**PROVIDED DATA**
----------

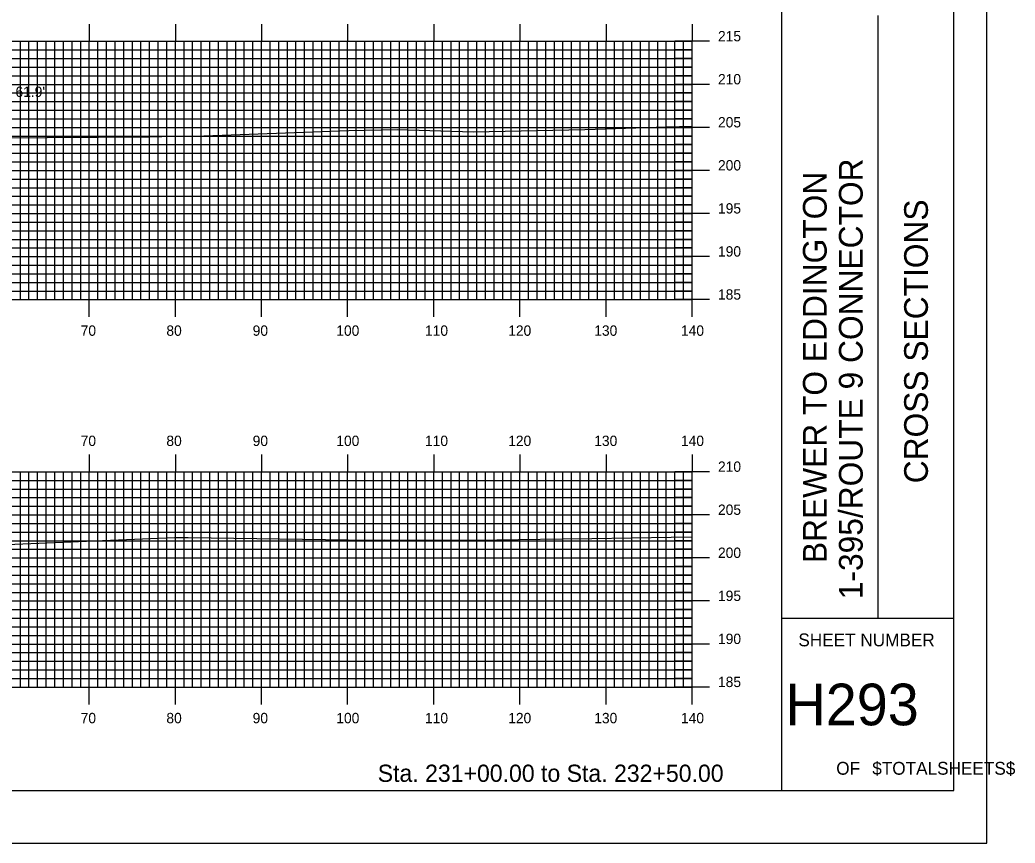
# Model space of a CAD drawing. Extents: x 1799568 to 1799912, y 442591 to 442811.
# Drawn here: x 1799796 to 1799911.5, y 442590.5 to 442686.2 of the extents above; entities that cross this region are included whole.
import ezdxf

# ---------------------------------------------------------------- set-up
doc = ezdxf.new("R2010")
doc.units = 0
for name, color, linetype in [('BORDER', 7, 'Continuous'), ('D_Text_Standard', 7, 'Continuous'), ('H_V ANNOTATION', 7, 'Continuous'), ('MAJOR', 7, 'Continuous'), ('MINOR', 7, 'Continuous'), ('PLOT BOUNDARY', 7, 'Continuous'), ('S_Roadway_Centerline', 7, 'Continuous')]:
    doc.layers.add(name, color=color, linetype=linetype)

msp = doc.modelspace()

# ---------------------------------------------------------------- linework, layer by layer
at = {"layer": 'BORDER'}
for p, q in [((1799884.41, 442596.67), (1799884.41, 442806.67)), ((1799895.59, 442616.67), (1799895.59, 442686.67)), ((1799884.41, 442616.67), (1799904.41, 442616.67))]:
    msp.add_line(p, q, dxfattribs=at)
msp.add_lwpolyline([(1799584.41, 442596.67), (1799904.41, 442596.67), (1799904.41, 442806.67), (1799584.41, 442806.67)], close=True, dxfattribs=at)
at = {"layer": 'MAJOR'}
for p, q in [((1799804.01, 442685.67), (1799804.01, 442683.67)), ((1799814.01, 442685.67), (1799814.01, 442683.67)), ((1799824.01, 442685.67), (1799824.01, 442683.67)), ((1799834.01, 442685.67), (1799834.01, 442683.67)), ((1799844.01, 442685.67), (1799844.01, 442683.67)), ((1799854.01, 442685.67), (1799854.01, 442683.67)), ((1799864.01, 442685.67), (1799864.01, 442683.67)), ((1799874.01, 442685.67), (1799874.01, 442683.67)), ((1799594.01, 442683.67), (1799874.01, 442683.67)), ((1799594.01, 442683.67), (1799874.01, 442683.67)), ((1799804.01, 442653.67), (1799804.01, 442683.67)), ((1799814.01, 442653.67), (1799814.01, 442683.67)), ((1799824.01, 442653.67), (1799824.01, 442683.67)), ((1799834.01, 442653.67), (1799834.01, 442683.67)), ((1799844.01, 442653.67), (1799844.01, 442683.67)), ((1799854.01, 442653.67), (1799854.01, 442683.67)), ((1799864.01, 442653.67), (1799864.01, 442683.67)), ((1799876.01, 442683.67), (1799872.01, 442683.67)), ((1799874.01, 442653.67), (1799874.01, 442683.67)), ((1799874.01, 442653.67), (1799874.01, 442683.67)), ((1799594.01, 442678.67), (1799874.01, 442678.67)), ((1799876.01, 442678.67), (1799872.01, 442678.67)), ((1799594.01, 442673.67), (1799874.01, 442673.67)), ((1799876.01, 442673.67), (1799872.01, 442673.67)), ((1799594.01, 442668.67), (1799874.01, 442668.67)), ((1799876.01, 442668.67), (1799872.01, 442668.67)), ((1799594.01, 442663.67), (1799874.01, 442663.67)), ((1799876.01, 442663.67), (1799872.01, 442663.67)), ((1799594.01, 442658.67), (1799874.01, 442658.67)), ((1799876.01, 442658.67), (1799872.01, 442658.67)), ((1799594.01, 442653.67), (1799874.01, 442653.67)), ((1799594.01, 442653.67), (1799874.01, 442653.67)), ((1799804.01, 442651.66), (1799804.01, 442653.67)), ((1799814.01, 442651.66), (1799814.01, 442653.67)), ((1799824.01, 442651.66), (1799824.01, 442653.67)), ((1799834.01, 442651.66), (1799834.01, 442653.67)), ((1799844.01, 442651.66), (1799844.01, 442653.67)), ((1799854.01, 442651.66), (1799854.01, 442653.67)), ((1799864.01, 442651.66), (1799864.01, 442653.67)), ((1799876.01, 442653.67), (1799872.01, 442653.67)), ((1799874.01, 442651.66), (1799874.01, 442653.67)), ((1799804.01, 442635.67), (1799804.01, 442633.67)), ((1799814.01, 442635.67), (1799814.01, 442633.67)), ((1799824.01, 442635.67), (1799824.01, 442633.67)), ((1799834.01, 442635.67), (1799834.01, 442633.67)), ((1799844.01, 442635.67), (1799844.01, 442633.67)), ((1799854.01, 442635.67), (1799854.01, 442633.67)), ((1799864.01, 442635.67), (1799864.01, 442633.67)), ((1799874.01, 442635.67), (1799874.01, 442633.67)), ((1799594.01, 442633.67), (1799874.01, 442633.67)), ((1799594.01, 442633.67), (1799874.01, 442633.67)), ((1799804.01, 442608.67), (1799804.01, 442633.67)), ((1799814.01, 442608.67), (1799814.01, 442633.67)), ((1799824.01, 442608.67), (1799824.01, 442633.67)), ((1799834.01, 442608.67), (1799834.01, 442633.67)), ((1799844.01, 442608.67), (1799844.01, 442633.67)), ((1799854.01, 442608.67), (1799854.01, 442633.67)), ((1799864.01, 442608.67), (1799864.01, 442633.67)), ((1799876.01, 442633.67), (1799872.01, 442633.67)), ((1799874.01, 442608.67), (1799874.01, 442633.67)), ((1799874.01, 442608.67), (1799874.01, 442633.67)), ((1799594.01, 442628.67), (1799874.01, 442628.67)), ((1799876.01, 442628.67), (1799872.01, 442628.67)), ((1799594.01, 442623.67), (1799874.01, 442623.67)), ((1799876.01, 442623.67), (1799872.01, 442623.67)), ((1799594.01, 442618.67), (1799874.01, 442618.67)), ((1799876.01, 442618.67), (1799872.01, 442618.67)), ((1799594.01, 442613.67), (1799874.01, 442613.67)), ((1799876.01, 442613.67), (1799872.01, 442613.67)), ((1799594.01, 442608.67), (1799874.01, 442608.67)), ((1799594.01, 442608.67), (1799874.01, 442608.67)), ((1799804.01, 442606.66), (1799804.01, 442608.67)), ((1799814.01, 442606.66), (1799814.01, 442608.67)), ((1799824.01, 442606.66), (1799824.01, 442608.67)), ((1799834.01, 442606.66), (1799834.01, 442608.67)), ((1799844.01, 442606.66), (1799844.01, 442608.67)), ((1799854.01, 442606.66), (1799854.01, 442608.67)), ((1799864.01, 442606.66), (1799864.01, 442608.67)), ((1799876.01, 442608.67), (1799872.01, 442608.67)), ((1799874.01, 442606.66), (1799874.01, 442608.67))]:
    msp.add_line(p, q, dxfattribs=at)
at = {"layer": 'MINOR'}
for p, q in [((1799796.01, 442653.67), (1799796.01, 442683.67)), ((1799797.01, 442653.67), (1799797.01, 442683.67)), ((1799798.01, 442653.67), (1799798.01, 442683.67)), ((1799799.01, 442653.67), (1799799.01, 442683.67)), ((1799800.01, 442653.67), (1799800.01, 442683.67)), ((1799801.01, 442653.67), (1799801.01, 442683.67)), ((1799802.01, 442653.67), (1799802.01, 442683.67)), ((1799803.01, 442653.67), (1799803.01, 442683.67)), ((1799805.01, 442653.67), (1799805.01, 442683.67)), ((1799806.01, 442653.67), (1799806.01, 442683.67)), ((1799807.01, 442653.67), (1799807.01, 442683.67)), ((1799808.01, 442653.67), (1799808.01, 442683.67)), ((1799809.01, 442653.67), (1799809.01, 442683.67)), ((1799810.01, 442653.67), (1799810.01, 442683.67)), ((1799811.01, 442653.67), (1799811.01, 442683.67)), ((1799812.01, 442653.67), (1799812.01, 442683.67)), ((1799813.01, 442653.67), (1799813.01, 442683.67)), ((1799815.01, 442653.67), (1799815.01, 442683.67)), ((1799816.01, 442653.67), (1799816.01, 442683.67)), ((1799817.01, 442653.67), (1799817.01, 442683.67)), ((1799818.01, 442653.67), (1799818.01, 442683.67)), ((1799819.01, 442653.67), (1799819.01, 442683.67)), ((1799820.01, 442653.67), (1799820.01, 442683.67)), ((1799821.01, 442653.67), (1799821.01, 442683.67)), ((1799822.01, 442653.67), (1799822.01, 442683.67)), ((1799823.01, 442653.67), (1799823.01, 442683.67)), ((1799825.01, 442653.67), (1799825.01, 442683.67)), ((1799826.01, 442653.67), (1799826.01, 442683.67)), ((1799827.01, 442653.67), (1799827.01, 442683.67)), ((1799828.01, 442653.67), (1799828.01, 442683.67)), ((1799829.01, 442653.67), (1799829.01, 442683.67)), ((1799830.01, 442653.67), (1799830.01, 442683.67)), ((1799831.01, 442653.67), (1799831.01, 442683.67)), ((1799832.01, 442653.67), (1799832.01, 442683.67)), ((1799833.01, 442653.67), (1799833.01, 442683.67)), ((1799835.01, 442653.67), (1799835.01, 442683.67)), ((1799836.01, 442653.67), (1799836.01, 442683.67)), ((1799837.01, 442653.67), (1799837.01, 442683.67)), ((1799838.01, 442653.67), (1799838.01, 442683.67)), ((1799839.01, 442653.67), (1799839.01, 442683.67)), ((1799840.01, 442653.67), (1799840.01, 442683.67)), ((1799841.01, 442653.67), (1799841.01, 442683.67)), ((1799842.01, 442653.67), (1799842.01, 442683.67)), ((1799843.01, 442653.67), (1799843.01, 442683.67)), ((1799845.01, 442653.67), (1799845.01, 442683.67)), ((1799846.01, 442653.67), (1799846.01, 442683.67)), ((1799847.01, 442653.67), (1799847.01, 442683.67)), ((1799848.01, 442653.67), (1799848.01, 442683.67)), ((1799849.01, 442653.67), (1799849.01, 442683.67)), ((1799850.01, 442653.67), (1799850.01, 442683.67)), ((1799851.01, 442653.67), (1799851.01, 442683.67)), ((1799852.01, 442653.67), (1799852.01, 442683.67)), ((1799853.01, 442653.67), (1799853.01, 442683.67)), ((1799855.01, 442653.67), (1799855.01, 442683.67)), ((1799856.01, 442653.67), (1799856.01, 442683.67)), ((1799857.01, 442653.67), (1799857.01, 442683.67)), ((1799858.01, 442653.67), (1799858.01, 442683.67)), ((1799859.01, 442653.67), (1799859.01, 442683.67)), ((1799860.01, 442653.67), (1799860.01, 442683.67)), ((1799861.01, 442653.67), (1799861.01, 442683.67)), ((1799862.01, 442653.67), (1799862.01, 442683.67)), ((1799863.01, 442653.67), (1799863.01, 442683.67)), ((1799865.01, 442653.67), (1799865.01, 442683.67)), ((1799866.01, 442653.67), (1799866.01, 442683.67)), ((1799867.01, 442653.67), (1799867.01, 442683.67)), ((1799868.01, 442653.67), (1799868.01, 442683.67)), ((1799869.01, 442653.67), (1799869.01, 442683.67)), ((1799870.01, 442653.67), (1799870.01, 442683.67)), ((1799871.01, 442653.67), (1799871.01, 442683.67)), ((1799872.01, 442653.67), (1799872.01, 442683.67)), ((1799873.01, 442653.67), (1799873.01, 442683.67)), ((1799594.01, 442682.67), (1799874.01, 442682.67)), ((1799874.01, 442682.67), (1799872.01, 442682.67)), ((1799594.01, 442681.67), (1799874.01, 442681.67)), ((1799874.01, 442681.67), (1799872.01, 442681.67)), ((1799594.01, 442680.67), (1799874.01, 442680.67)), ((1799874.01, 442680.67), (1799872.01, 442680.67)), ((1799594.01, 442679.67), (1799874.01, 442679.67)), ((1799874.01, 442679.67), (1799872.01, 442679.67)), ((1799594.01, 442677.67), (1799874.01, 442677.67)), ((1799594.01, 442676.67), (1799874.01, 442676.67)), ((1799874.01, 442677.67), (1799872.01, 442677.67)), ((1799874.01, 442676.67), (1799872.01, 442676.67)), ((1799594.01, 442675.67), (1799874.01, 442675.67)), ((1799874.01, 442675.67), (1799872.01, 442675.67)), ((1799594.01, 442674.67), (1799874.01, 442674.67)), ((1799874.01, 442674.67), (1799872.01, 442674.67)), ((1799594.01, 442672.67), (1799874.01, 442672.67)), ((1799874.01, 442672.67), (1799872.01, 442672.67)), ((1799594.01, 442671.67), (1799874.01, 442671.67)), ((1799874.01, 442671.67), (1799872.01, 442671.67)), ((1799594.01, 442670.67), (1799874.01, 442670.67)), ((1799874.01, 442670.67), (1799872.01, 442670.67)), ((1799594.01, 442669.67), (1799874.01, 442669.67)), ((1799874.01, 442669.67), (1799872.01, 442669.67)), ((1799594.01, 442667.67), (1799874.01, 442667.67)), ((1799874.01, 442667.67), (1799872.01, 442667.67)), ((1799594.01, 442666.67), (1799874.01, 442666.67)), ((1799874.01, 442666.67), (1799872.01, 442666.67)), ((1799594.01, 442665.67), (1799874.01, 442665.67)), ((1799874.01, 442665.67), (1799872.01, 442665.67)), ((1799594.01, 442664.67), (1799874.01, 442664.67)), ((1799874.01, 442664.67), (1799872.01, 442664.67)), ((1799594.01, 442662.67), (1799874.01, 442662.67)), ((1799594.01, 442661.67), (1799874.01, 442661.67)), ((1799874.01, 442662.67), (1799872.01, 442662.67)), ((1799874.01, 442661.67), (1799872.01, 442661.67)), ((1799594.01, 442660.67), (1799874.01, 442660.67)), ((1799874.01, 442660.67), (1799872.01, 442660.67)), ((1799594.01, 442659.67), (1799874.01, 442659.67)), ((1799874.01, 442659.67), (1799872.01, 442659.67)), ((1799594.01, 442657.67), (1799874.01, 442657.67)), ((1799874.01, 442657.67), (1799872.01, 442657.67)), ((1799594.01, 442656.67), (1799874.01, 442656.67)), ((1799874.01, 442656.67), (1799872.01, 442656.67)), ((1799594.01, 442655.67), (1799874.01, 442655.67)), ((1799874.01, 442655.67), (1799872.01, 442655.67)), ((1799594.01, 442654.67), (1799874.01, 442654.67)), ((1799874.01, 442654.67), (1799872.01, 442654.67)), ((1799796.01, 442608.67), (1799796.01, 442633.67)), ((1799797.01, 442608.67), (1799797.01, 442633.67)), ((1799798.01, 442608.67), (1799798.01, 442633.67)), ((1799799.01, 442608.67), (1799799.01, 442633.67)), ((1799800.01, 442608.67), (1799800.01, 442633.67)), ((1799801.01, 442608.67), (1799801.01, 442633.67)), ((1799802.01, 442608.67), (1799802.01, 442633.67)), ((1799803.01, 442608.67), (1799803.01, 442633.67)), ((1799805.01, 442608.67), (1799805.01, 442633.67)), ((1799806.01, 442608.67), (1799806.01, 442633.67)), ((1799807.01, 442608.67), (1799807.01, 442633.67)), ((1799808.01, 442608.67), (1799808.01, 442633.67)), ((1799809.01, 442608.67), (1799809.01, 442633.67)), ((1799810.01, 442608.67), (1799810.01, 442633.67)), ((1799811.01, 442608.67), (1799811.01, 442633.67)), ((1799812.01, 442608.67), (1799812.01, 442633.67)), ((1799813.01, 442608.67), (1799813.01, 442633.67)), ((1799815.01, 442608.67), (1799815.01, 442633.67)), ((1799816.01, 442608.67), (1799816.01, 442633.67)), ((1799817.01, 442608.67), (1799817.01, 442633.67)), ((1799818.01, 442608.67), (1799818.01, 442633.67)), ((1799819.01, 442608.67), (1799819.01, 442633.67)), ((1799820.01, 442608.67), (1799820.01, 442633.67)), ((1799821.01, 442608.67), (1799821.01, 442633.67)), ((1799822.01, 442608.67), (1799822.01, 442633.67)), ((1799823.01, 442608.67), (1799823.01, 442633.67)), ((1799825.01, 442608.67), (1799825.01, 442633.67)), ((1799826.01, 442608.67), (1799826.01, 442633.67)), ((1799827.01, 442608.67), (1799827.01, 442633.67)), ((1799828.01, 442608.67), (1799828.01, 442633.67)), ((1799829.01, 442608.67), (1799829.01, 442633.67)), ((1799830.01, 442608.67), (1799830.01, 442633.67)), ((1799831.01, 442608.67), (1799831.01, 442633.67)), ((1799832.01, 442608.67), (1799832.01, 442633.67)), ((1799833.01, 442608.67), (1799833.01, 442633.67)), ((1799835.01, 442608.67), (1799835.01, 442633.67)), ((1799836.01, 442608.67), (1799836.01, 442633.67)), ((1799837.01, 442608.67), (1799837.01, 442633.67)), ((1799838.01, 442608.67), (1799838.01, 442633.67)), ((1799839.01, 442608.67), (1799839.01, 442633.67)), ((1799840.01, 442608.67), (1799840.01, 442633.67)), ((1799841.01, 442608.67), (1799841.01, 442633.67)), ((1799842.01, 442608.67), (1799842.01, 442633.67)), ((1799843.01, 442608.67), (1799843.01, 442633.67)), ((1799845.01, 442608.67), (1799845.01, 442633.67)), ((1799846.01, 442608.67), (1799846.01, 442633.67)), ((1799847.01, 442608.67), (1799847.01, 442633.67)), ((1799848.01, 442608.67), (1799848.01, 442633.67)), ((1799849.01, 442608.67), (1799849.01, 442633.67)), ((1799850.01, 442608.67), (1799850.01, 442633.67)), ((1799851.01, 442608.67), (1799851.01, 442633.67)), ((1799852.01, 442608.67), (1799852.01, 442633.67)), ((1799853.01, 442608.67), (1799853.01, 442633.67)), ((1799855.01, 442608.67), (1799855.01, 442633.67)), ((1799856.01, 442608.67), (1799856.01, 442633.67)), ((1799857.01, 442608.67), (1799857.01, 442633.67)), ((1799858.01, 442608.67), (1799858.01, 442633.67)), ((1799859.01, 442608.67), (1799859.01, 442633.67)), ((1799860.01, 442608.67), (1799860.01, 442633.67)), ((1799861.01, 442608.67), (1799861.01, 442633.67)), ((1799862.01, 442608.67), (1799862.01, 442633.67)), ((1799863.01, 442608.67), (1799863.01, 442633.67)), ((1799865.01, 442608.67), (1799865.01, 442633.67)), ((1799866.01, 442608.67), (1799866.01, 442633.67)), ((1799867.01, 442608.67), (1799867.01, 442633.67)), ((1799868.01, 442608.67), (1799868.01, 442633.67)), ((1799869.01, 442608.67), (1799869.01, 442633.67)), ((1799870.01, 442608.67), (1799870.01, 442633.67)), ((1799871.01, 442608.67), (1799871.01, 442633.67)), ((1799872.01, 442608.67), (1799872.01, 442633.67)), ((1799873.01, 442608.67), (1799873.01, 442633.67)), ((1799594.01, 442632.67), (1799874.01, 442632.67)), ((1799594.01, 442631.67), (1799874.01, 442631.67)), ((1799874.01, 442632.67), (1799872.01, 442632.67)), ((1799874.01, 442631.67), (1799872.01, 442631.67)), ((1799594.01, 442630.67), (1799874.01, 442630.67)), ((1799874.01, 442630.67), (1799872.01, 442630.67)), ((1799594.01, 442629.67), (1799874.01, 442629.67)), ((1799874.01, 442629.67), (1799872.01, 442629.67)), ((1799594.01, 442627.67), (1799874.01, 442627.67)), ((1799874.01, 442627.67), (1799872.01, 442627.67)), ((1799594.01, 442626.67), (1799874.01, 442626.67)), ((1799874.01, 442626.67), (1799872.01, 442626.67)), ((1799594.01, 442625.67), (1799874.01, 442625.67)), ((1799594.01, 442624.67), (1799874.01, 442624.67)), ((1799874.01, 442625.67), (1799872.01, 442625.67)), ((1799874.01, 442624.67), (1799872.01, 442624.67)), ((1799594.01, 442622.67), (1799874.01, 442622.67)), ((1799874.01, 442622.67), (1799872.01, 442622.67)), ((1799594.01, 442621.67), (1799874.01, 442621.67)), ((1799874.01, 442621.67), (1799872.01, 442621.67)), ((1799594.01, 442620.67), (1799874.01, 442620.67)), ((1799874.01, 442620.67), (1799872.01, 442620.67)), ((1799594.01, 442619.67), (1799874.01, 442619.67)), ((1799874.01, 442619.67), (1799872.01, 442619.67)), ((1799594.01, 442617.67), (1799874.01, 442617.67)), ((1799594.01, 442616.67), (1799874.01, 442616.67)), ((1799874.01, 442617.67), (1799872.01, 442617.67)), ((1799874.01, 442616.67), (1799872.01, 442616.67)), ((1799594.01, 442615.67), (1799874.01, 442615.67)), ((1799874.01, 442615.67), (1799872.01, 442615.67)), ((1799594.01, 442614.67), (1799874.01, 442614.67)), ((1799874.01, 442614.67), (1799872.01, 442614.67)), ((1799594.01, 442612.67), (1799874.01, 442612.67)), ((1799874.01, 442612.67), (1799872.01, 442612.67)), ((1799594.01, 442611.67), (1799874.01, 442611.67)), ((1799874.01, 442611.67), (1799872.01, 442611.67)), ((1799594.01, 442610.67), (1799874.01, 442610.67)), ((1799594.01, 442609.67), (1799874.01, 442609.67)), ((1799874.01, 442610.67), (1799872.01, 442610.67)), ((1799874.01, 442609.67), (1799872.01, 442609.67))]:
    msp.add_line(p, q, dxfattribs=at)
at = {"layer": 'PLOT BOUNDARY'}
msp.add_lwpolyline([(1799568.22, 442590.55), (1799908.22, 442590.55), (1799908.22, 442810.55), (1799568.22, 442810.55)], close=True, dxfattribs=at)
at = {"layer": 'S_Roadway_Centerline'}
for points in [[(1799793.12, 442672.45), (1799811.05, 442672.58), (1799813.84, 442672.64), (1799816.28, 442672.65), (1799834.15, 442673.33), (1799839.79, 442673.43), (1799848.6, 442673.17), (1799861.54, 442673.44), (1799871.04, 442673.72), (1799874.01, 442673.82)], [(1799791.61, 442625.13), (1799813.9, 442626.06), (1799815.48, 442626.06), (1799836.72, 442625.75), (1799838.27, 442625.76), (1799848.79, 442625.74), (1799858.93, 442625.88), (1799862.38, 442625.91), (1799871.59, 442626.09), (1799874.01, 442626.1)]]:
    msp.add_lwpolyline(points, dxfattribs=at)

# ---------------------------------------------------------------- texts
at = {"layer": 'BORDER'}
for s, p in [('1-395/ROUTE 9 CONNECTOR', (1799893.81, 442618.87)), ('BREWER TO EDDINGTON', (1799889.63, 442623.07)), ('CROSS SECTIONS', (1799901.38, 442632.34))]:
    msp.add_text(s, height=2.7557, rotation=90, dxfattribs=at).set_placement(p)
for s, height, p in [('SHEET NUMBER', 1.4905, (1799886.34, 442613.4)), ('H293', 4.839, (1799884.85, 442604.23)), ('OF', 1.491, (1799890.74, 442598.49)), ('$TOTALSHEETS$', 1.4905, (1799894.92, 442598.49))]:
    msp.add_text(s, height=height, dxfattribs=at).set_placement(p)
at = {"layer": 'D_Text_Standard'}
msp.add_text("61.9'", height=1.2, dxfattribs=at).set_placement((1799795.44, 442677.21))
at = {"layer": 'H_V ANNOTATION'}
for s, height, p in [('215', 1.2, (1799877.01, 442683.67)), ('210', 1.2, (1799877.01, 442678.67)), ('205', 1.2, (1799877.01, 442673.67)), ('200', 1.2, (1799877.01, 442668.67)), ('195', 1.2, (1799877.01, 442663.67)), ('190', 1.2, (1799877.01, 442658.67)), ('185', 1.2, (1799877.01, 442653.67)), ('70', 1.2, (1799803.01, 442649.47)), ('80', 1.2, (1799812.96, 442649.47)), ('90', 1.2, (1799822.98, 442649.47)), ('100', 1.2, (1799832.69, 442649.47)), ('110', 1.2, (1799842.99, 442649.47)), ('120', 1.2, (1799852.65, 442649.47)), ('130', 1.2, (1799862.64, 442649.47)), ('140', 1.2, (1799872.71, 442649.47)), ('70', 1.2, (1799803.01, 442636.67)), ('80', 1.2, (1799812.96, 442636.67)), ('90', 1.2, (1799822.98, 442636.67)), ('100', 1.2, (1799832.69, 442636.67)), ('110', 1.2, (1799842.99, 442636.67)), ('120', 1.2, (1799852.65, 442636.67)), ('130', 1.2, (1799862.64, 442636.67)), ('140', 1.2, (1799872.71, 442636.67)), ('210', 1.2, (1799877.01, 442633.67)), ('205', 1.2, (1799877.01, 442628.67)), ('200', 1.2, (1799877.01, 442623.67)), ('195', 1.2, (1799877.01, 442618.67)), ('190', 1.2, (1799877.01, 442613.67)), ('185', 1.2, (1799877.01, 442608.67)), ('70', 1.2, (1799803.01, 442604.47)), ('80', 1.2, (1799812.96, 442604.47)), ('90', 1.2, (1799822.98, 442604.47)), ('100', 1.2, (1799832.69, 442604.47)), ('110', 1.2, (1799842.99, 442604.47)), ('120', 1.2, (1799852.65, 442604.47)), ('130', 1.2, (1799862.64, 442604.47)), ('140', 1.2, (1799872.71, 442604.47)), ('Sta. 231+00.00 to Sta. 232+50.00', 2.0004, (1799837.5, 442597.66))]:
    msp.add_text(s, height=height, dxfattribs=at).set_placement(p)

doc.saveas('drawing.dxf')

----------

**TASK OBJECTIVE**
For the entries shown above, give the number of lines that include the word "PLOT", without any other text.

**SOLUTION FOR THIS TASK**
2